Capítulo III (pgs. 71 a 83): Sequência das primeiras impressões onde são descritos alguns indivíduos interessantes posto que grosseiros ou pacíficos, dependendo da situação. 

Capítulo IV (pgs. 83 a 96): Continuação das primeiras impressões com a observação meticulosa do autor da história no sentido de entender as atitudes de seus colegas de prisão. 

Capítulo V (pgs. 97 a 108): Primeiros contatos com o trabalho forçado. Acertos e erros no trato com os colegas de cela. 

Capítulo VI (pgs. 108 a 119): Caridade e dinheiro no presídio. Relato da condição nobre do escritor da história.

Capítulo VII (pgs. 119 a 129): Tipos estranhos e homens violentos com quem se convivia diariamente. 

Capítulo VIII ( pgs. 129 a 134): Relato sobre os homens temíveis e suas atitudes brandas no convívio com os outros presidiários. 

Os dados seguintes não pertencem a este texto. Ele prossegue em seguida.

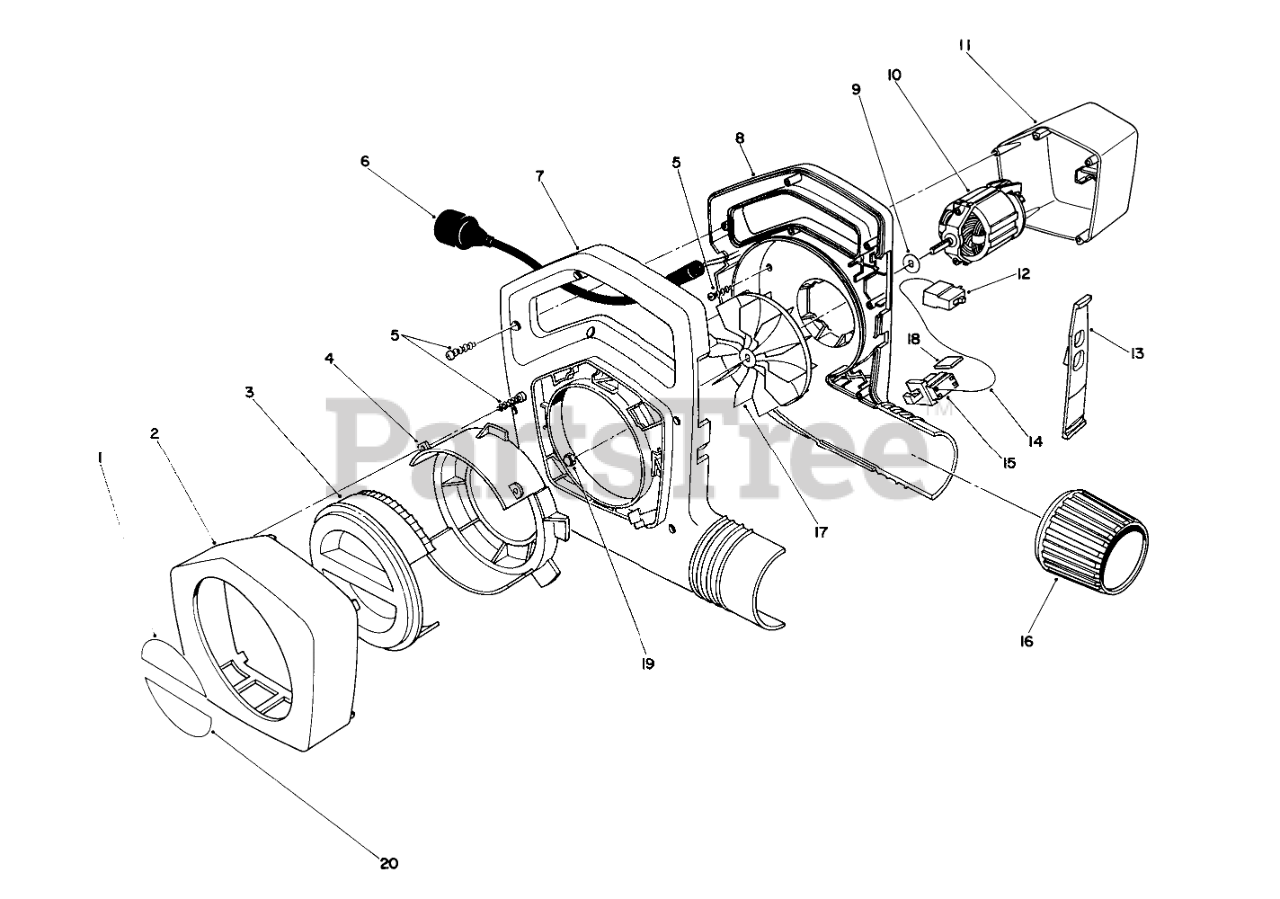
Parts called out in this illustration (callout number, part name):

Capítulo IX (pgs. 134 a 147): Chegada do natal e preparação de festas. Um preso relata sua prisão ocasionada pela paixão desenfreada por uma mulher. 

Capítulo X (pgs. 147 a 159): Continuação das festas no natal. Recebimento de donativos e grandes alegrias no presídio. 

Capítulo XI (pgs. 159 a 175): Representação teatral no presídio. Participação total dos presos e organização cuidadosa dos eventos. 

Capítulo XII (pgs. 175 a 186): Apresentação do hospital do presídio. As dificuldades ligadas à falta de higiene e estrutura para o cuidado com os presos. Conflitos constantes. 

Capítulo XIII (pgs. 186 a 197): Continuação da apresentação do hospital e seus problemas internos. 

Capítulo XIV (pgs. 197 a 211): Conclusão da narrativa referente aos problemas enfrentados no hospital. 

Capítulo XV (pgs. 211 a 219): O narrador nos conta uma história ouvida ocasionalmente durante a madrugada. Tratava-se da história de um assassinato de uma mulher chamada Akulhka. Um relato confuso onde costumes, tradição e truculência se uniram para a perpetração do crime. 

Capítulo XVI – (pgs. 219 a 232): Acontecimentos relacionados ao verão transcorrido na prisão. 

Capítulo XVII – (pgs. 233 a 242): Relato a respeito dos animais admitidos na prisão. Aqui Dostoiévski faz considerações interessantes sobre o modo como os presos se portaram para a compra de um novo cavalo. Foi um momento de felicidade e autoestima para muitos. 

Capítulo XVIII – (pgs. 242 a 256): Principio de revolta na empresa devido à falta de alimentação adequada. Muito comum a expressão “couve com baratas”

Capítulo XIX – (pgs. 256 a 267): Reflexão do narrador sobre companheirismo e relacionamentos amigáveis no presídio. 

Capítulo XX – (pgs. 267 a 278): Relatos breves a respeito de uma fuga. 

Capítulo XXI – (pgs. 278 a 282): Enfim a saída do presídio e as expectativas para a tão sonhada liberdade.